Я привезла ему его «личные» номера и выяснила, какой у него тираж. Он сказал, что тираж все-таки большой. И вообще, был настроен даже юмористически, особенно когда узнал, что эта его гроссмановская «Неделя», вырвавшись запретно из общего известинского тиража, вдруг попала в газетные киоски каких-то подмосковных городов. И в одном из них ее купил, сойдя с поезда, его знакомый и сообщил ему. И кто-то еще тоже купил и тоже позвонил. И вообще, таким он был мужественным и дружелюбным, что и передать не могу.

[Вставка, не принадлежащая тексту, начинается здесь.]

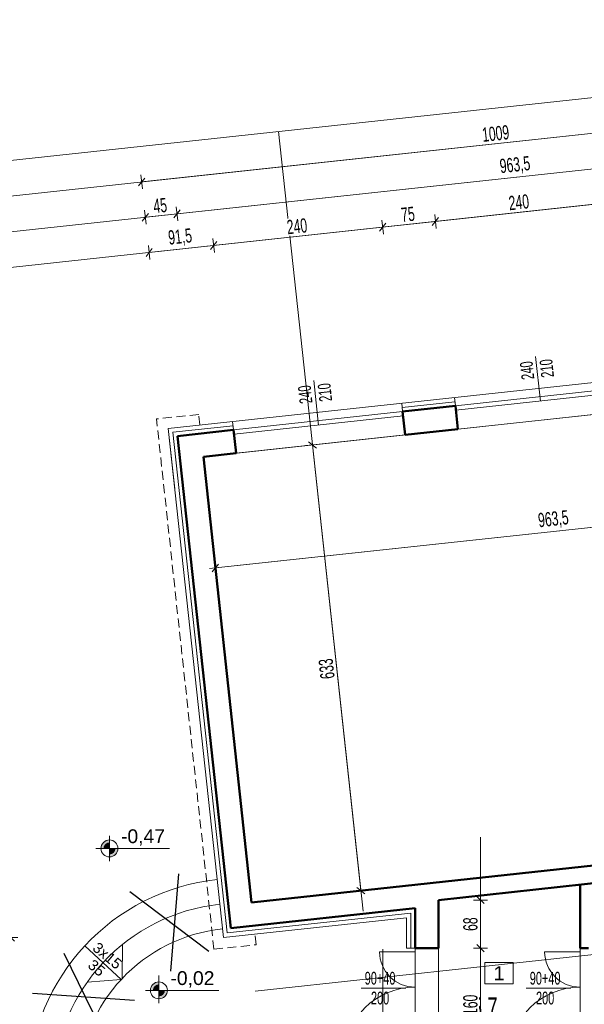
# Model space of a CAD drawing. Header units: millimetres. Extents: x 72202 to 304796, y 21658 to 519946.
# Tile 55 of 139: x 194496 to 195293, y 209281 to 210671. Entities that reach past the tile are written whole.
import ezdxf

# ---------------------------------------------------------------- set-up
doc = ezdxf.new("R2010")
doc.units = ezdxf.units.MM
doc.linetypes.add('DASHED', pattern=[19.05, 12.7, -6.35])
doc.layers.get('0').update_dxf_attribs({"color": 253})
doc.layers.get('Defpoints').update_dxf_attribs({"color": 253})
for name, color, linetype, lineweight in [('DRZWI I OKNA OPISY', 253, 'Continuous', 9), ('linia - gruba - projektowana', 253, 'Continuous', 50), ('LINIA CIENKA', 7, 'Continuous', 13), ('LINIA KRESKOWANIE', 253, 'Continuous', 5), ('LINIA WYMIAROWANIE', 253, 'Continuous', 9), ('OPISY', 253, 'Continuous', 9)]:
    doc.layers.add(name, color=color, linetype=linetype, lineweight=lineweight)
doc.layers.add('LINIA-NIE DRUKOWAĆ', color=253, linetype='Continuous', lineweight=20, plot=False)
doc.styles.add('simplex', font='arial.ttf')
doc.styles.get("Standard").update_dxf_attribs({"font": 'ARIALN.TTF', "width": 0.75})
doc.linetypes.add('GRADZINOWANIE', pattern='A,0.00254,-2.54,[134,ltypeshp.shx,S=2.54,R=0,X=-2.54,Y=0],-5.08,[134,ltypeshp.shx,S=2.54,R=180,X=2.54,Y=0],-2.54', length=10.16254)
doc.dimstyles.new('sebek100', dxfattribs={"dimtxt": 17, "dimasz": 10, "dimexe": 10, "dimexo": 20, "dimgap": 4, "dimtad": 1, "dimrnd": 0.5, "dimtxsty": 'Standard', "dimblk": 'OBLIQUE', "dimcen": 8, "dimclre": 1, "dimazin": 0, "dimtm": 1e-09, "dimtfac": 1, "dimtix": 1, "dimtmove": 1, "dimatfit": 3, "dimldrblk": 'zas', "dimfxl": 10, "dimfxlon": 1, "dimtolj": 2, "dimlwd": -1, "dimlwe": -1, "dimarcsym": 0})

# ---------------------------------------------------------------- blocks, each defined once
blk = doc.blocks.new('_Oblique')
at = {"color": 0, "linetype": 'ByBlock', "lineweight": -2}
blk.add_line((-0.5, -0.5), (0.5, 0.5), dxfattribs=at)
blk = doc.blocks.new('*D483')
at = {"layer": 'Defpoints', "color": 0, "lineweight": -3, "ltscale": 4, "transparency": 16777216}
for p in [(194483.3, 209374.9), (194783.3, 209374.9), (194783.3, 209169.9)]:
    blk.add_point(p, dxfattribs=at)
at = {"layer": 'LINIA WYMIAROWANIE', "color": 1, "ltscale": 4, "transparency": 16777216}
for p, q in [((194493.3, 209374.9), (194473.3, 209374.9)), ((194493.3, 209169.9), (194473.3, 209169.9))]:
    blk.add_line(p, q, dxfattribs=at)
at = {"layer": 'LINIA WYMIAROWANIE', "color": 0, "ltscale": 4, "transparency": 16777216}
blk.add_line((194483.3, 209169.9), (194483.3, 209374.9), dxfattribs=at)
at = {"layer": 'LINIA WYMIAROWANIE', "color": 0, "ltscale": 4, "transparency": 16777216, "xscale": 10, "yscale": 10, "zscale": 10}
for p, rotation in [((194483.3, 209374.9), 90), ((194483.3, 209169.9), 270)]:
    blk.add_blockref('_Oblique', p, dxfattribs=dict(at, rotation=rotation))
at = {"layer": 'LINIA WYMIAROWANIE', "color": 0, "lineweight": -3, "ltscale": 4, "transparency": 16777216, "insert": (194469.1, 209272.4), "char_height": 20, "attachment_point": 5, "rotation": 90, "bg_fill": 3, "box_fill_scale": 1.1, "bg_fill_color": 256, "bg_fill_true_color": 13158600, "bg_fill_transparency": 0}
blk.add_mtext('\\A2;205', dxfattribs=at)
blk = doc.blocks.new('zas')
blk = doc.blocks.new('*D484')
at = {"layer": 'Defpoints', "color": 0, "lineweight": -3, "ltscale": 4, "transparency": 16777216}
for p in [(194705.4, 210093.8), (194783.3, 209374.8), (194435.3, 209337.2)]:
    blk.add_point(p, dxfattribs=at)
at = {"layer": 'LINIA WYMIAROWANIE', "color": 1, "ltscale": 4, "transparency": 16777216}
for p, q in [((194367.4, 210057.2), (194347.5, 210055)), ((194445.2, 209338.2), (194425.4, 209336.1))]:
    blk.add_line(p, q, dxfattribs=at)
at = {"layer": 'LINIA WYMIAROWANIE', "color": 0, "ltscale": 4, "transparency": 16777216}
blk.add_line((194357.4, 210056.1), (194435.3, 209337.2), dxfattribs=at)
at = {"layer": 'LINIA WYMIAROWANIE', "color": 0, "ltscale": 4, "transparency": 16777216, "xscale": 10, "yscale": 10, "zscale": 10}
for p, rotation in [((194357.4, 210056.1), 96.1820173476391), ((194435.3, 209337.2), 276.1820173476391)]:
    blk.add_blockref('_Oblique', p, dxfattribs=dict(at, rotation=rotation))
at = {"layer": 'LINIA WYMIAROWANIE', "color": 0, "lineweight": -3, "ltscale": 4, "transparency": 16777216, "insert": (194382.2, 209695.1), "char_height": 20, "attachment_point": 5, "rotation": 96.182, "bg_fill": 3, "box_fill_scale": 1.1, "bg_fill_color": 256, "bg_fill_true_color": 13158600, "bg_fill_transparency": 0}
blk.add_mtext('\\A2;723', dxfattribs=at)
blk = doc.blocks.new('*D485')
at = {"layer": 'Defpoints', "color": 0, "lineweight": -3, "ltscale": 4, "transparency": 16777216}
for p in [(194769.5, 210352), (194796.4, 210103.6), (194705.4, 210093.7)]:
    blk.add_point(p, dxfattribs=at)
at = {"layer": 'LINIA WYMIAROWANIE', "color": 1, "ltscale": 4, "transparency": 16777216}
for p, q in [((194679.6, 210332.2), (194677.4, 210352.1)), ((194770.5, 210342.1), (194768.4, 210362))]:
    blk.add_line(p, q, dxfattribs=at)
at = {"layer": 'LINIA WYMIAROWANIE', "color": 0, "ltscale": 4, "transparency": 16777216}
blk.add_line((194678.5, 210342.2), (194769.5, 210352), dxfattribs=at)
at = {"layer": 'LINIA WYMIAROWANIE', "color": 0, "ltscale": 4, "transparency": 16777216, "xscale": 10, "yscale": 10, "zscale": 10}
for p, rotation in [((194769.5, 210352), 6.182016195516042), ((194678.5, 210342.2), 186.182016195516)]:
    blk.add_blockref('_Oblique', p, dxfattribs=dict(at, rotation=rotation))
at = {"layer": 'LINIA WYMIAROWANIE', "color": 0, "lineweight": -3, "ltscale": 4, "transparency": 16777216, "insert": (194722.3, 210363), "char_height": 20, "attachment_point": 5, "rotation": 6.182, "bg_fill": 3, "box_fill_scale": 1.1, "bg_fill_color": 256, "bg_fill_true_color": 13158600, "bg_fill_transparency": 0}
blk.add_mtext('\\A2;91,5', dxfattribs=at)
blk = doc.blocks.new('*D486')
at = {"layer": 'Defpoints', "color": 0, "lineweight": -3, "ltscale": 4, "transparency": 16777216}
for p in [(195008.1, 210377.9), (195035, 210129.4), (194796.4, 210103.6)]:
    blk.add_point(p, dxfattribs=at)
at = {"layer": 'LINIA WYMIAROWANIE', "color": 1, "ltscale": 4, "transparency": 16777216}
for p, q in [((195009.1, 210367.9), (195007, 210387.8)), ((194770.5, 210342.1), (194768.4, 210362))]:
    blk.add_line(p, q, dxfattribs=at)
at = {"layer": 'LINIA WYMIAROWANIE', "color": 0, "ltscale": 4, "transparency": 16777216}
blk.add_line((194769.5, 210352), (195008.1, 210377.9), dxfattribs=at)
at = {"layer": 'LINIA WYMIAROWANIE', "color": 0, "ltscale": 4, "transparency": 16777216, "xscale": 10, "yscale": 10, "zscale": 10}
for p, rotation in [((195008.1, 210377.9), 6.182016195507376), ((194769.5, 210352), 186.1820161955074)]:
    blk.add_blockref('_Oblique', p, dxfattribs=dict(at, rotation=rotation))
at = {"layer": 'LINIA WYMIAROWANIE', "color": 0, "lineweight": -3, "ltscale": 4, "transparency": 16777216, "insert": (194887.2, 210379.1), "char_height": 20, "attachment_point": 5, "rotation": 6.182, "bg_fill": 3, "box_fill_scale": 1.1, "bg_fill_color": 256, "bg_fill_true_color": 13158600, "bg_fill_transparency": 0}
blk.add_mtext('\\A2;240', dxfattribs=at)
blk = doc.blocks.new('*D487')
at = {"layer": 'Defpoints', "color": 0, "lineweight": -3, "ltscale": 4, "transparency": 16777216}
for p in [(195082.6, 210386), (195035, 210129.4), (195109.5, 210137.5)]:
    blk.add_point(p, dxfattribs=at)
at = {"layer": 'LINIA WYMIAROWANIE', "color": 1, "ltscale": 4, "transparency": 16777216}
for p, q in [((195083.7, 210376), (195081.6, 210395.9)), ((195009.1, 210367.9), (195007, 210387.8))]:
    blk.add_line(p, q, dxfattribs=at)
at = {"layer": 'LINIA WYMIAROWANIE', "color": 0, "ltscale": 4, "transparency": 16777216}
blk.add_line((195008.1, 210377.9), (195082.6, 210386), dxfattribs=at)
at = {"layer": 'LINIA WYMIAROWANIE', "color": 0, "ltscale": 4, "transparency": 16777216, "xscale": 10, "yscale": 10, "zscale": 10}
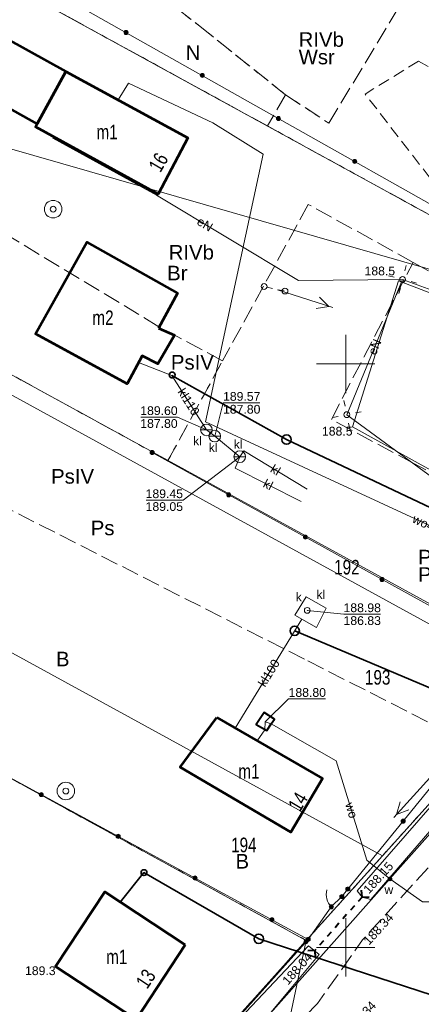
# Model space of a CAD drawing. Header units: metres. Extents: x 7482748 to 7484637, y 5684406 to 5687014.
# Tile 78 of 180: x 7483122 to 7483156, y 5685795 to 5685879. Entities that reach past the tile are written whole.
import ezdxf
from ezdxf.enums import TextEntityAlignment as Align
from ezdxf.lldxf.tags import DXFTag

# ---------------------------------------------------------------- set-up
doc = ezdxf.new("R2010")
doc.units = ezdxf.units.M
doc.header["$MEASUREMENT"] = 0
for name, pattern in [('1', [1.5, 1, -0.5]), ('KTJZ01_500', [2, 1.5, -0.5]), ('l217_500', [2, 1.5, -0.5]), ('l218_500', [1, 0.5, -0.5]), ('PTTL_500', [1.5, 1, -0.5])]:
    doc.linetypes.add(name, pattern=pattern)
for name, color, linetype, lineweight in [('.ks tłoczny', 104, 'Continuous', 50), ('_Dzialki', 7, 'Continuous', 0), ('_Dzialki_opis', 7, 'Continuous', 0), ('_Kontury', 7, 'Continuous', 0), ('_Kontury_opis', 7, 'Continuous', 0), ('_Podzial_sekcyjny_krzyze', 7, '1', 13), ('_Uzytki', 7, 'Continuous', 0), ('_Uzytki_opis', 7, 'Continuous', 0), ('BUIB05_01', 7, 'Continuous', 40), ('EGB_Adres', 7, 'Continuous', 0), ('EGB_Budynek', 7, 'Continuous', 0), ('EGB_Budynek_opis', 7, 'Continuous', 0), ('GES__SUSM01_P', 7, 'Continuous', 13), ('GES__SUSM05_01L', 7, 'Continuous', 13), ('GES__SUUS07_1_O', 7, 'Continuous', 13), ('GES__SUUS07_P', 7, 'Continuous', 13), ('GES__SUUS13_P', 7, 'Continuous', 13), ('GES__SUUS22_01_KP', 7, 'Continuous', 13), ('GES__SUUS25_WP', 7, 'Continuous', 13), ('KTOK04', 7, 'KTOK04L_500', 13), ('KTOK05_01', 7, 'Continuous', 13), ('RTPW01_P', 7, 'Continuous', 0), ('RTPW02_P', 7, 'Continuous', 0), ('SUPE_L_3', 1, 'Continuous', 13)]:
    doc.layers.add(name, color=color, linetype=linetype, lineweight=lineweight)
doc.layers.add('_ramki_nieplotowane', color=7, linetype='Continuous', lineweight=0, plot=False)
for name, color, linetype, lineweight, true_color in [('GES__SUBP02_08O', 5, 'Continuous', 13, 0x0000ff), ('GES__SUPE_pL', 1, 'Continuous', 13, 0xff0000), ('GES__SUPK_01_pL', 7, 'Continuous', 13, 0x803300), ('GES__SUPS01_05L', 7, 'Continuous', 13, 0x803300), ('GES__SUPS01_05P', 7, 'Continuous', 13, 0x803300), ('GES__SUPS01_08L', 5, 'Continuous', 13, 0x0000ff), ('GES__SUPS01_08P', 5, 'Continuous', 13, 0x0000ff), ('GES__SUPW_01_pL', 5, 'Continuous', 13, 0x0000ff)]:
    doc.layers.add(name, color=color, linetype=linetype, lineweight=lineweight, true_color=true_color)
for name, color, linetype, lineweight, true_color, transparency in [('GES__SUPE_pT', 1, 'Continuous', 13, 0xff0000, 0.25), ('GES__SUPK_01_pT', 7, 'Continuous', 13, 0x803300, 0.25), ('GES__SUPS01_05G', 7, 'Continuous', 13, 0x803300, 0.25), ('GES__SUPS01_08G', 5, 'Continuous', 13, 0x0000ff, 0.25), ('GES__SUPW_01_pT', 5, 'Continuous', 13, 0x0000ff, 0.25), ('PTWP03_O', 7, 'Continuous', 13, 0x59d9ff, 0.5)]:
    doc.layers.add(name, color=color, linetype=linetype, lineweight=lineweight, true_color=true_color, transparency=transparency)
for name, color, linetype, lineweight, transparency in [('GES__SUUS_ET_05T', 7, 'Continuous', 13, 0.25), ('GES__SUUS_ET_08T', 7, 'Continuous', 13, 0.25), ('KTJZ01_O', 7, 'KTJZ01_500', 13, 0.5), ('PTRW02_O', 7, 'Continuous', 13, 0.5), ('PTTL04_O', 7, 'PTTL_500', 13, 0.5), ('RTPW01_G', 7, 'Continuous', 13, 0.25), ('RTPW02_G', 7, 'Continuous', 13, 0.25)]:
    doc.layers.add(name, color=color, linetype=linetype, lineweight=lineweight, transparency=transparency)
doc.layers.add('IS_kanalizacja_sanitarna', color=7, linetype='SOLID', true_color=0x000000)
doc.layers.add('IS_Opisy_działek_Net', color=7, linetype='SOLID', true_color=0x000000)
doc.styles.get("Standard").update_dxf_attribs({"font": 'simplex.shx', "width": 0.75})
doc.styles.add('STYL_ARIAL', font='simplex.shx', dxfattribs={"width": 0.75, "oblique": 0.1})
doc.styles.add('Style-Arial', font='arial.ttf')
doc.linetypes.add('KTOK04L_500', pattern='A,0,[119,IS_LineDef.shx,S=0.01,R=0,X=0,Y=0],1', length=1)
tags = doc.linetypes.add('SOLID', pattern=[10, 10, 0]).pattern_tags.tags
tags[6:7] = [DXFTag(74, 4), DXFTag(75, 0), DXFTag(340, '0'), DXFTag(46, 0.0), DXFTag(50, 0.0), DXFTag(44, 0.0), DXFTag(45, 0.0)]
tags[4:5] = [DXFTag(74, 4), DXFTag(75, 0), DXFTag(340, '0'), DXFTag(46, 0.0), DXFTag(50, 0.0), DXFTag(44, 0.0), DXFTag(45, 0.0)]

# ---------------------------------------------------------------- blocks, each defined once
blk = doc.blocks.new('SUPS01')
at = {"layer": 'GES__SUPS01_08P', "linetype": 'Continuous', "lineweight": 13}
h = blk.add_hatch(color=256, dxfattribs=at)
edge = h.paths.add_edge_path()
edge.add_arc((0, 0), 0.045, 0, 360)
blk = doc.blocks.new('SUPS01_1')
at = {"layer": 'GES__SUPS01_05P', "linetype": 'Continuous', "lineweight": 13}
h = blk.add_hatch(color=256, dxfattribs=at)
edge = h.paths.add_edge_path()
edge.add_arc((0, 0), 0.045, 0, 360)
blk = doc.blocks.new('SUSM01_48')
at = {"layer": 'GES__SUSM01_P', "linetype": 'Continuous', "lineweight": 13}
for p, q in [((-0.53, 0.53), (-0.88, 0.88)), ((0.53, 0.53), (0.88, 0.88)), ((-0.53, -0.53), (-0.88, -0.88)), ((0.53, -0.53), (0.88, -0.88))]:
    blk.add_line(p, q, dxfattribs=at)
blk.add_circle((0, 0), 0.25, dxfattribs=at)
blk = doc.blocks.new('SUSM01_58')
at = {"layer": 'GES__SUSM01_P', "linetype": 'Continuous', "lineweight": 13}
for p, q in [((-0.53, 0.53), (-0.88, 0.88)), ((0.53, 0.53), (0.88, 0.88)), ((-0.53, -0.53), (-0.88, -0.88)), ((0.53, -0.53), (0.88, -0.88))]:
    blk.add_line(p, q, dxfattribs=at)
blk.add_circle((0, 0), 0.25, dxfattribs=at)
blk = doc.blocks.new('SUUS13')
at = {"layer": 'GES__SUUS13_P', "linetype": 'Continuous', "lineweight": 13}
for radius in [0.75, 0.25]:
    blk.add_circle((0, 0), radius, dxfattribs=at)
blk = doc.blocks.new('SUUS25_62')
at = {"layer": 'GES__SUUS25_WP', "linetype": 'Continuous', "lineweight": 13}
h = blk.add_hatch(color=256, dxfattribs=at)
edge = h.paths.add_edge_path()
edge.add_arc((0, 0), 0.2, 0, 360)
blk = doc.blocks.new('SUUS22_01')
at = {"layer": 'GES__SUUS22_01_KP', "linetype": 'Continuous', "lineweight": 13}
blk.add_circle((0, 0), 0.25, dxfattribs=at)
blk = doc.blocks.new('SUUS07')
at = {"layer": 'GES__SUUS07_P', "linetype": 'Continuous', "lineweight": 13}
blk.add_line((-0.5, 0), (0.5, 0), dxfattribs=at)
blk.add_circle((0, 0), 0.5, dxfattribs=at)
blk = doc.blocks.new('RTPW01_1')
at = {"layer": 'RTPW02_P', "linetype": 'Continuous', "lineweight": 0}
h = blk.add_hatch(color=256, dxfattribs=at)
edge = h.paths.add_edge_path()
edge.add_arc((0, 0), 0.045, 0, 360)
blk = doc.blocks.new('RTPW01')
at = {"layer": 'RTPW01_P', "linetype": 'Continuous', "lineweight": 0}
h = blk.add_hatch(color=256, dxfattribs=at)
edge = h.paths.add_edge_path()
edge.add_arc((0, 0), 0.045, 0, 360)

msp = doc.modelspace()

# ---------------------------------------------------------------- hatches: boundary and pattern name
at = {"layer": 'KTOK05_01', "linetype": 'Continuous', "lineweight": 13}
h = msp.add_hatch(color=256, dxfattribs=at)
edge = h.paths.add_edge_path()
edge.add_arc((7483131.16725, 5685878.39949), 0.175, 0, 360)
h = msp.add_hatch(color=256, dxfattribs=at)
edge = h.paths.add_edge_path()
edge.add_arc((7483137.70088, 5685874.71687), 0.175, 0, 360)
h = msp.add_hatch(color=256, dxfattribs=at)
edge = h.paths.add_edge_path()
edge.add_arc((7483144.2345, 5685871.03424), 0.175, 0, 360)
h = msp.add_hatch(color=256, dxfattribs=at)
edge = h.paths.add_edge_path()
edge.add_arc((7483150.76813, 5685867.35161), 0.175, 0, 360)
h = msp.add_hatch(color=256, dxfattribs=at)
edge = h.paths.add_edge_path()
edge.add_arc((7483133.41, 5685842.41), 0.175, 0, 360)
h = msp.add_hatch(color=256, dxfattribs=at)
edge = h.paths.add_edge_path()
edge.add_arc((7483139.97485, 5685838.78332), 0.175, 0, 360)
h = msp.add_hatch(color=256, dxfattribs=at)
edge = h.paths.add_edge_path()
edge.add_arc((7483146.53969, 5685835.15665), 0.175, 0, 360)
h = msp.add_hatch(color=256, dxfattribs=at)
edge = h.paths.add_edge_path()
edge.add_arc((7483153.10454, 5685831.52997), 0.175, 0, 360)
h = msp.add_hatch(color=256, dxfattribs=at)
edge = h.paths.add_edge_path()
edge.add_arc((7483123.896, 5685813.09951), 0.175, 0, 360)
h = msp.add_hatch(color=256, dxfattribs=at)
edge = h.paths.add_edge_path()
edge.add_arc((7483154.92273, 5685810.81659), 0.175, 0, 360)
h = msp.add_hatch(color=256, dxfattribs=at)
edge = h.paths.add_edge_path()
edge.add_arc((7483130.489, 5685809.52427), 0.175, 0, 360)
h = msp.add_hatch(color=256, dxfattribs=at)
edge = h.paths.add_edge_path()
edge.add_arc((7483137.08199, 5685805.94902), 0.175, 0, 360)
h = msp.add_hatch(color=256, dxfattribs=at)
edge = h.paths.add_edge_path()
edge.add_arc((7483150.18421, 5685805.00312), 0.175, 0, 360)
h = msp.add_hatch(color=256, dxfattribs=at)
edge = h.paths.add_edge_path()
edge.add_arc((7483149.66, 5685804.36), 0.175, 0, 360)
h = msp.add_hatch(color=256, dxfattribs=at)
edge = h.paths.add_edge_path()
edge.add_arc((7483148.76, 5685803.48), 0.175, 0, 360)
h = msp.add_hatch(color=256, dxfattribs=at)
edge = h.paths.add_edge_path()
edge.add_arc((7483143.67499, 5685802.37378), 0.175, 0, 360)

Он умрет меньше чем через год в том же сентябре будущего года. И этот незаконный «Севан» и напечатанный в 12-м номере «Нового мира» в 1963 году рассказ «Несколько печальных дней» станут последними его прижизненными изданиями.
И снова хочу вспомнить о том, как он брал в руки верстку, как смотрел на «Неделю», как вел счет на единицы тиражей и читателей.
Это была не нервно издерганная душа, а даже на пороге смерти гармонически естественная и живая. Все бесчисленные катастрофы с чистыми его книгами не исказили его личность. Они принесли ему смерть, но жизнь на нравственных ее высотах не исказили. Не было в нем и тени темной сосредоточенности на себе одном.
Как мог он слушать других людей и как умел слушать! Он даже настойчиво просил, чтобы люди, приходившие к нему в те годы, не соединялись вместе. Хотел настоящей беседы с глазу на глаз и так прямо смотрел в глаза.
— Меня это интересует, — сколько раз я слышала эти слова.
Я видела, как он высок в трудные минуты, как никогда не забывает о других.
Он говорил о том, как писателей губила в трудных обстоятельствах измена своему таланту.
Приводил разные имена — то с раздражением, то с болью. Был один писатель… Он когда-то был с ним близок и с удовольствием встретил его вступление в литературу, его первые повести о войне. Потом писателя начали громить… После этого он стал писать длинные романы — как будто другой человек. Длинные и благополучные. Стал получать сталинские премии. Василий Семёнович его любил и прямо сказал, что не следует так писать. И тот ответил, что это пока, сейчас, а потом когда он захочет и когда будет можно, то будет писать так, как писал раньше. Василий Семенович его убеждал, что, когда он захочет и когда будет можно, он уже не сможет писать так, как писал. А тот даже посмеивался в ответ и повторял свое.